Это не физика. Там вы можете построить космический челнок, отправить его на орбиту и увидеть, как неделей позже он приземлится на мысе Канаверал. Рынок куда менее стабилен и предсказуем. Все, что мы о нем знаем, — приблизительное описание действительности на базе моделей. И гипотеза эффективного рынка — тоже всего лишь гипотеза, основанная на десятилетиях исследований и огромных объемах проанализированных данных. Всегда остается вероятность того, что мы ошибаемся.

Он сделал паузу.

— Впрочем, я совершенно убежден, что мы правы. Видит бог, рынок эффективен.

Слушатели нервно засмеялись. Фама пугал, он демонстрировал холодное презрение к тем, кто был не в состоянии успеть за ходом его мысли. Клифф Эснесс, 23-летний аспирант, кивнул и записал слова Фамы в свою тетрадь: сумасшедшие гении… математические модели… Он сейчас не услышал ничего нового; он изучал финансы у лучших мыслителей-финансистов мира в Уортонской школе бизнеса при Пенсильванском университете. Но он знал, что Фама занимал высшее положение в иерархии финансовой науки.

И все же он не мог избавиться от сомнений. На самом деле в словах Фамы звучал вызов: А ты смог бы? Ты смог бы обыграть рынок?

В детстве Клиффорд Скотт Эснесс ничем не напоминал будущего магната Уолл-стрит.[54] Он родился в октябре 1966 года в нью-йоркском районе Куинс. Когда ему было 4 года, семья переехала в зеленый пригород Рослин Хайтс на Лонг-Айленде. В школе Эснесс получал хорошие оценки, но его интерес к Уолл-стрит сводился к темным силуэтам небоскребов в комиксах про Бэтмена. В подростковом возрасте он был вял, полноват и равнодушен. Его мало что интересовало, за исключением девочек и комиксов. Иногда у него случались приступы гнева, которые станут его характерной чертой годы спустя, когда он возглавит собственный фонд. Однажды на школьной парковке парень из шахматной команды соперника с насмешкой напомнил ему о недавней игре. Эснесс впал в ярость, схватил обидчика и со всей силы ударил его о соседнюю машину. А потом еще раз, и еще.

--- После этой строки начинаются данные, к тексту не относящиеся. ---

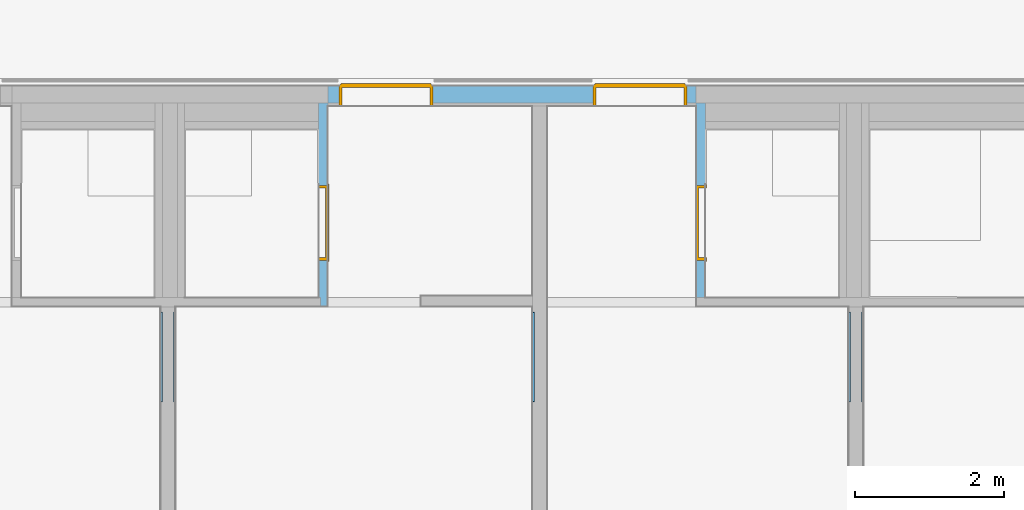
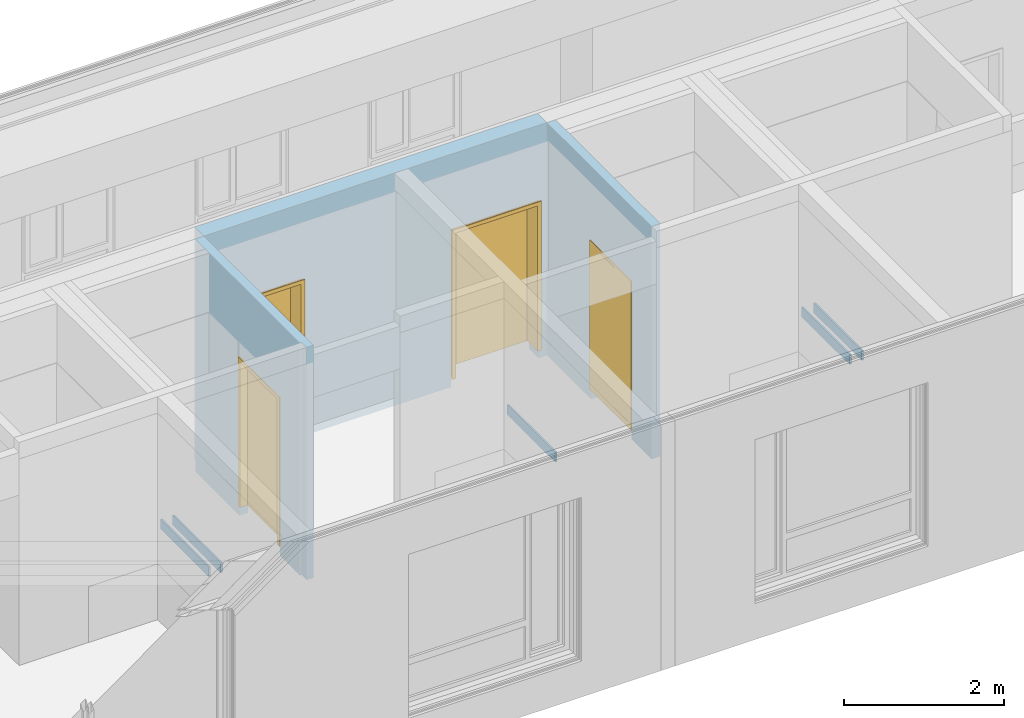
# One storey, part 117 of 222: 5 walls, 4 doors, 4 openings, plus 3 elements that do not belong to this part.
"""IFC4 building model written with IfcOpenShell, lengths in metres."""

from ifc_helpers import new_model, entity, si_unit, converted_unit, derived_unit, frame, frame_2d, origin, origin_with_axes, place, context, subcontext, project, spatial, polyline, rectangle, outline, extrude, faceted_brep, source, transform, mapped, material, type_object, element, fill, save


model = new_model("IFC4")

# Units and contexts
model_context = context("Model", 3, precision=1e-05, world=origin())
body_context = subcontext(model_context, "Body", "Model", "MODEL_VIEW")
ifc_project = project(units=[si_unit("LENGTHUNIT", "METRE"), si_unit("AREAUNIT", "SQUARE_METRE"), si_unit("VOLUMEUNIT", "CUBIC_METRE"), si_unit("MASSUNIT", "GRAM", prefix="KILO"), converted_unit("PLANEANGLEUNIT", "DEGREE", entity("IfcPlaneAngleMeasure", 0.0174532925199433), si_unit("PLANEANGLEUNIT", "RADIAN"), dimensions=[0, 0, 0, 0, 0, 0, 0]), derived_unit("THERMALTRANSMITTANCEUNIT", [(si_unit("POWERUNIT", "WATT"), 1), (si_unit("THERMODYNAMICTEMPERATUREUNIT", "KELVIN"), -1), (si_unit("LENGTHUNIT", "METRE"), -2)]), derived_unit("VOLUMETRICFLOWRATEUNIT", [(si_unit("LENGTHUNIT", "METRE"), 3), (converted_unit("TIMEUNIT", "hour", entity("IfcTimeMeasure", 3600.0), si_unit("TIMEUNIT", "SECOND"), dimensions=[0, 0, 1, 0, 0, 0, 0]), -1), (si_unit("LENGTHUNIT", "METRE"), -1)])], contexts=[model_context])

# Site, building, storey
site_placement = place(None, origin())
site = spatial("IfcSite", under=ifc_project, at=site_placement, Name="Psychiatrie Neubau Wunstorf", CompositionType="ELEMENT")
building_placement = place(site_placement, origin())
building = spatial("IfcBuilding", under=site, at=building_placement, Name="Neubau H2 Stationsgebäude", CompositionType="ELEMENT")
storey_placement = place(building_placement, frame((0.0, 0.0, 3.6)))
storey = spatial("IfcBuildingStorey", under=building, at=storey_placement, Name="H2 Ebene +1", CompositionType="ELEMENT", Elevation=3.6)

# Wall, opening, door
ifc_material_1 = material(Name="WI-LB")
wall_1_placement = place(storey_placement, frame((88.1000000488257, 5.1005, 0.0), z_axis=(0.0, 0.0, 1.0), x_axis=(0.0, -1.0, 0.0)))
wall_1 = element("IfcWall", 1, at=wall_1_placement, inside=storey, material=ifc_material_1, context=body_context, shape_type="SweptSolid", body=[
    extrude(rectangle(XDim=2.61499999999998, YDim=0.125, at=frame_2d((1.30749999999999, 0.0625), x_axis=(1.0, 0.0))), origin_with_axes(), (0.0, 0.0, 1.0), 3.55),
])
opening_1_placement = place(wall_1_placement, frame((2.11499999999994, 0.125, 0.0), z_axis=(0.0, -1.0, 0.0), x_axis=(0.0, 0.0, 1.0)))
opening_1 = element("IfcOpeningElement", 2, at=opening_1_placement, cuts=wall_1, Name="Türöffnung", ObjectType="Opening", context=body_context, shape_type="SweptSolid", body=[
    extrude(outline(polyline([(2.41, 1.01), (2.41, 0.0), (0.0, 0.0), (0.0, 1.01), (2.41, 1.01)])), origin_with_axes(), (0.0, 0.0, 1.0), 0.125),
])
ifc_material_2 = material(Name="TI-1F-UZ-D-N")
door_type_1 = type_object("IfcDoorType", Name="SMT", OperationType="SINGLE_SWING_RIGHT", ParameterTakesPrecedence=False, PredefinedType="DOOR")
shared_shape_1 = source(origin_with_axes(), body_context, "Body", "Brep", [
    faceted_brep([(1.05, 0.0125000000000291, 0.0), (1.05, 0.112500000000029, 0.0), (1.01, 0.112500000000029, 0.0), (1.01, 0.0125000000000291, 0.0), (1.05, 0.112500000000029, 3.55), (1.05, 0.0125000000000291, 3.55), (1.01, 0.0125000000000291, 3.55), (1.01, 0.112500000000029, 3.55)], [[[0, 1, 2, 3]], [[4, 5, 6, 7]], [[1, 0, 5, 4]], [[2, 1, 4, 7]], [[3, 2, 7, 6]], [[0, 3, 6, 5]]], orient=[[False], [False], [False], [False], [False], [False]]),
    faceted_brep([(0.0, 0.0125000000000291, 0.0), (0.0, 0.112500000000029, 0.0), (-0.0400000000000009, 0.112500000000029, 0.0), (-0.0400000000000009, 0.0125000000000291, 0.0), (0.0, 0.112500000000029, 3.55), (0.0, 0.0125000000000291, 3.55), (-0.0400000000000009, 0.0125000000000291, 3.55), (-0.0400000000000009, 0.112500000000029, 3.55)], [[[0, 1, 2, 3]], [[4, 5, 6, 7]], [[1, 0, 5, 4]], [[2, 1, 4, 7]], [[3, 2, 7, 6]], [[0, 3, 6, 5]]], orient=[[False], [False], [False], [False], [False], [False]]),
    faceted_brep([(1.01, 0.0125000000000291, 2.41), (1.01, 0.112500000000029, 2.41), (0.0, 0.112500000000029, 2.41), (0.0, 0.0125000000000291, 2.41), (1.01, 0.112500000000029, 2.45), (1.01, 0.0125000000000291, 2.45), (0.0, 0.0125000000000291, 2.45), (0.0, 0.112500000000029, 2.45)], [[[0, 1, 2, 3]], [[4, 5, 6, 7]], [[1, 0, 5, 4]], [[2, 1, 4, 7]], [[3, 2, 7, 6]], [[0, 3, 6, 5]]], orient=[[False], [False], [False], [False], [False], [False]]),
])
shared_shape_2 = source(origin_with_axes(), body_context, "Body", "Brep", [
    faceted_brep([(1.01, -0.0149999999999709, 2.41), (1.01, -0.0149999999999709, 0.15), (0.969999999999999, -0.0149999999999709, 0.15), (0.969999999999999, -0.0149999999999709, 2.41), (1.01, 0.140000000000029, 0.15), (1.01, 0.140000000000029, 2.41), (0.969999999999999, 0.140000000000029, 2.41), (0.969999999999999, 0.140000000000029, 0.15)], [[[0, 1, 2, 3]], [[4, 5, 6, 7]], [[1, 0, 5, 4]], [[2, 1, 4, 7]], [[3, 2, 7, 6]], [[0, 3, 6, 5]]], orient=[[False], [False], [False], [False], [False], [False]]),
    faceted_brep([(1.01, -0.0149999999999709, 2.425), (1.025, -0.0149999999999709, 2.425), (1.025, -0.0149999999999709, 0.15), (1.01, -0.0149999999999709, 0.15), (1.01, 0.0, 0.15), (1.025, 0.0, 0.15), (1.025, 0.0, 2.425), (1.01, 0.0, 2.425)], [[[0, 1, 2, 3]], [[4, 5, 6, 7]], [[3, 4, 7, 0]], [[2, 5, 4, 3]], [[1, 6, 5, 2]], [[0, 7, 6, 1]]], orient=[[False], [False], [False], [False], [False], [False]]),
    faceted_brep([(1.01, 0.125000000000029, 2.425), (1.025, 0.125000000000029, 2.425), (1.025, 0.125000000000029, 0.15), (1.01, 0.125000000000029, 0.15), (1.01, 0.140000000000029, 0.15), (1.025, 0.140000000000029, 0.15), (1.025, 0.140000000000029, 2.425), (1.01, 0.140000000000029, 2.425)], [[[0, 1, 2, 3]], [[4, 5, 6, 7]], [[3, 4, 7, 0]], [[2, 5, 4, 3]], [[1, 6, 5, 2]], [[0, 7, 6, 1]]], orient=[[False], [False], [False], [False], [False], [False]]),
    faceted_brep([(0.0399999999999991, -0.0149999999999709, 2.41), (0.0399999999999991, -0.0149999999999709, 0.15), (0.0, -0.0149999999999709, 0.15), (0.0, -0.0149999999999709, 2.41), (0.0399999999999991, 0.140000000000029, 0.15), (0.0399999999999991, 0.140000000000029, 2.41), (0.0, 0.140000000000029, 2.41), (0.0, 0.140000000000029, 0.15)], [[[0, 1, 2, 3]], [[4, 5, 6, 7]], [[1, 0, 5, 4]], [[2, 1, 4, 7]], [[3, 2, 7, 6]], [[0, 3, 6, 5]]], orient=[[False], [False], [False], [False], [False], [False]]),
    faceted_brep([(0.0, -0.0149999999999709, 2.425), (0.0, -0.0149999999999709, 0.15), (-0.0150000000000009, -0.0149999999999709, 0.15), (-0.0150000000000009, -0.0149999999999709, 2.425), (0.0, 0.0, 0.15), (0.0, 0.0, 2.425), (-0.0150000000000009, 0.0, 2.425), (-0.0150000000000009, 0.0, 0.15)], [[[0, 1, 2, 3]], [[4, 5, 6, 7]], [[1, 0, 5, 4]], [[2, 1, 4, 7]], [[3, 2, 7, 6]], [[0, 3, 6, 5]]], orient=[[False], [False], [False], [False], [False], [False]]),
    faceted_brep([(0.0, 0.125000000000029, 2.425), (0.0, 0.125000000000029, 0.15), (-0.0150000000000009, 0.125000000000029, 0.15), (-0.0150000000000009, 0.125000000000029, 2.425), (0.0, 0.140000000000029, 0.15), (0.0, 0.140000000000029, 2.425), (-0.0150000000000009, 0.140000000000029, 2.425), (-0.0150000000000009, 0.140000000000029, 0.15)], [[[0, 1, 2, 3]], [[4, 5, 6, 7]], [[1, 0, 5, 4]], [[2, 1, 4, 7]], [[3, 2, 7, 6]], [[0, 3, 6, 5]]], orient=[[False], [False], [False], [False], [False], [False]]),
    faceted_brep([(0.969999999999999, -0.0149999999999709, 2.41), (0.969999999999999, -0.0149999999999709, 2.37), (0.0399999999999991, -0.0149999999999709, 2.37), (0.0399999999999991, -0.0149999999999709, 2.41), (0.969999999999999, 0.140000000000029, 2.37), (0.969999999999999, 0.140000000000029, 2.41), (0.0399999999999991, 0.140000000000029, 2.41), (0.0399999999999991, 0.140000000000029, 2.37)], [[[0, 1, 2, 3]], [[4, 5, 6, 7]], [[1, 0, 5, 4]], [[2, 1, 4, 7]], [[3, 2, 7, 6]], [[0, 3, 6, 5]]], orient=[[False], [False], [False], [False], [False], [False]]),
    faceted_brep([(1.01, -0.0149999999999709, 2.425), (1.01, -0.0149999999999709, 2.41), (0.0, -0.0149999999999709, 2.41), (0.0, -0.0149999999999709, 2.425), (1.01, 0.0, 2.41), (1.01, 0.0, 2.425), (0.0, 0.0, 2.425), (0.0, 0.0, 2.41)], [[[0, 1, 2, 3]], [[4, 5, 6, 7]], [[1, 0, 5, 4]], [[2, 1, 4, 7]], [[3, 2, 7, 6]], [[0, 3, 6, 5]]], orient=[[False], [False], [False], [False], [False], [False]]),
    faceted_brep([(1.01, 0.125000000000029, 2.425), (1.01, 0.125000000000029, 2.41), (0.0, 0.125000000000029, 2.41), (0.0, 0.125000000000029, 2.425), (1.01, 0.140000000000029, 2.41), (1.01, 0.140000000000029, 2.425), (0.0, 0.140000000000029, 2.425), (0.0, 0.140000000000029, 2.41)], [[[0, 1, 2, 3]], [[4, 5, 6, 7]], [[1, 0, 5, 4]], [[2, 1, 4, 7]], [[3, 2, 7, 6]], [[0, 3, 6, 5]]], orient=[[False], [False], [False], [False], [False], [False]]),
    faceted_brep([(0.984999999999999, 0.0910000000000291, 2.385), (0.984999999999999, 0.0910000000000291, 0.15), (0.0249999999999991, 0.0910000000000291, 0.15), (0.0249999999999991, 0.0910000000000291, 2.385), (0.984999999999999, 0.141000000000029, 0.15), (0.984999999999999, 0.141000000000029, 2.385), (0.0249999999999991, 0.141000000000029, 2.385), (0.0249999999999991, 0.141000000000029, 0.15)], [[[0, 1, 2, 3]], [[4, 5, 6, 7]], [[1, 0, 5, 4]], [[2, 1, 4, 7]], [[3, 2, 7, 6]], [[0, 3, 6, 5]]], orient=[[False], [False], [False], [False], [False], [False]]),
])
door_1_placement = place(opening_1_placement, frame((0.0, 0.0, 0.0), z_axis=(1.0, 0.0, 0.0), x_axis=(0.0, 1.0, 0.0)))
door_1 = element("IfcDoor", 3, at=door_1_placement, inside=storey, type_object=door_type_1, material=ifc_material_2, Name="SMT", OverallHeight=2.41, OverallWidth=1.01, context=body_context, shape_type="MappedRepresentation", body=[
    mapped(shared_shape_1, transform((0.0, 0.0, 0.0), x_axis=(1.0, 0.0, 0.0), y_axis=(0.0, 1.0, 0.0), z_axis=(0.0, 0.0, 1.0), scale=1.0)),
    mapped(shared_shape_2, transform((0.0, 0.0, 0.0), x_axis=(1.0, 0.0, 0.0), y_axis=(0.0, 1.0, 0.0), z_axis=(0.0, 0.0, 1.0), scale=1.0)),
])
fill(opening_1, door_1)

ifc_material_3 = material(Name="WI-LB")
wall_2_placement = place(storey_placement, frame((83.0249999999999, 5.1005, 0.0), z_axis=(0.0, 0.0, 1.0), x_axis=(0.0, -1.0, 0.0)))
wall_2 = element("IfcWall", 4, at=wall_2_placement, inside=storey, material=ifc_material_3, context=body_context, shape_type="SweptSolid", body=[
    extrude(outline(polyline([(-2.73999999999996, 0.0), (-0.125, 0.0), (-0.125, 0.0250000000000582), (0.0, 0.0250000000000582), (0.0, 0.125), (-2.73999999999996, 0.125), (-2.73999999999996, 0.0)])), frame((2.73999999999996, 0.0, 0.0), z_axis=(0.0, 0.0, 1.0), x_axis=(1.0, 0.0, 0.0)), (0.0, 0.0, 1.0), 3.55),
])
opening_2_placement = place(wall_2_placement, frame((1.10499999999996, 0.0, 0.0), z_axis=(0.0, 1.0, 0.0), x_axis=(0.0, 0.0, 1.0)))
opening_2 = element("IfcOpeningElement", 5, at=opening_2_placement, cuts=wall_2, Name="Türöffnung", ObjectType="Opening", context=body_context, shape_type="SweptSolid", body=[
    extrude(outline(polyline([(2.41, 1.01), (2.41, 0.0), (0.0, 0.0), (0.0, 1.01), (2.41, 1.01)])), origin_with_axes(), (0.0, 0.0, 1.0), 0.125),
])
ifc_material_4 = material(Name="TI-1F-UZ-D-N")
door_type_2 = type_object("IfcDoorType", Name="SMT", OperationType="SINGLE_SWING_RIGHT", ParameterTakesPrecedence=False, PredefinedType="DOOR")
shared_shape_3 = source(origin_with_axes(), body_context, "Body", "Brep", [
    faceted_brep([(1.05, 0.0124999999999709, 0.0), (1.05, 0.112499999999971, 0.0), (1.01, 0.112499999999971, 0.0), (1.01, 0.0124999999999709, 0.0), (1.05, 0.112499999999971, 3.55), (1.05, 0.0124999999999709, 3.55), (1.01, 0.0124999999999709, 3.55), (1.01, 0.112499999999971, 3.55)], [[[0, 1, 2, 3]], [[4, 5, 6, 7]], [[1, 0, 5, 4]], [[2, 1, 4, 7]], [[3, 2, 7, 6]], [[0, 3, 6, 5]]], orient=[[False], [False], [False], [False], [False], [False]]),
    faceted_brep([(0.0, 0.0124999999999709, 0.0), (0.0, 0.112499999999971, 0.0), (-0.0399999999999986, 0.112499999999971, 0.0), (-0.0399999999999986, 0.0124999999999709, 0.0), (0.0, 0.112499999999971, 3.55), (0.0, 0.0124999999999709, 3.55), (-0.0399999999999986, 0.0124999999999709, 3.55), (-0.0399999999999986, 0.112499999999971, 3.55)], [[[0, 1, 2, 3]], [[4, 5, 6, 7]], [[1, 0, 5, 4]], [[2, 1, 4, 7]], [[3, 2, 7, 6]], [[0, 3, 6, 5]]], orient=[[False], [False], [False], [False], [False], [False]]),
    faceted_brep([(1.01, 0.0124999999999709, 2.41), (1.01, 0.112499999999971, 2.41), (0.0, 0.112499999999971, 2.41), (0.0, 0.0124999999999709, 2.41), (1.01, 0.112499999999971, 2.45), (1.01, 0.0124999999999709, 2.45), (0.0, 0.0124999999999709, 2.45), (0.0, 0.112499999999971, 2.45)], [[[0, 1, 2, 3]], [[4, 5, 6, 7]], [[1, 0, 5, 4]], [[2, 1, 4, 7]], [[3, 2, 7, 6]], [[0, 3, 6, 5]]], orient=[[False], [False], [False], [False], [False], [False]]),
])
shared_shape_4 = source(origin_with_axes(), body_context, "Body", "Brep", [
    faceted_brep([(0.0, -0.0150000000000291, 2.41), (0.0400000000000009, -0.0150000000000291, 2.41), (0.0400000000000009, -0.0150000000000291, 0.15), (0.0, -0.0150000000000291, 0.15), (0.0, 0.139999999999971, 0.15), (0.0400000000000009, 0.139999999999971, 0.15), (0.0400000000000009, 0.139999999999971, 2.41), (0.0, 0.139999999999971, 2.41)], [[[0, 1, 2, 3]], [[4, 5, 6, 7]], [[3, 4, 7, 0]], [[2, 5, 4, 3]], [[1, 6, 5, 2]], [[0, 7, 6, 1]]], orient=[[False], [False], [False], [False], [False], [False]]),
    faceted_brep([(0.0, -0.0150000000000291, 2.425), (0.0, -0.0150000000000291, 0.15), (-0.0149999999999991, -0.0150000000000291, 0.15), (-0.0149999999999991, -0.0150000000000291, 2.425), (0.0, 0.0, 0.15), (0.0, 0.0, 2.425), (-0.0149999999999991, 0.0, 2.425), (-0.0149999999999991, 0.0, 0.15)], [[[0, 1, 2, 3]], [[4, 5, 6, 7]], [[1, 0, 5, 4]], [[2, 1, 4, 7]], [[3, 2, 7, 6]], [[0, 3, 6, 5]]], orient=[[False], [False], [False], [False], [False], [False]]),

Когда Эснесс учился в Уортонской школе бизнеса в Пенсильванском университете, то думал, что пойдет по стопам отца и станет судебным юристом. Он толком не знал, почему он хотел стать юристом. Разве что это было семейной традицией. Отец его, напротив, был обескуражен планами сына. «Зачем тебе быть юристом, если у тебя есть математические наклонности?» — удивлялся он.

Эснесс принял слова отца близко к сердцу. Он был открыт всему новому и вскоре погрузился в тайный мир теории портфеля, став ассистентом уортонского профессора Эндрю Лоу, позднее перебравшегося в MIT. К его удивлению, предмет оказался неимоверно захватывающим. Он переключился на финансы, а в качестве профильного направления выбрал информатику — заветная квантовая комбинация.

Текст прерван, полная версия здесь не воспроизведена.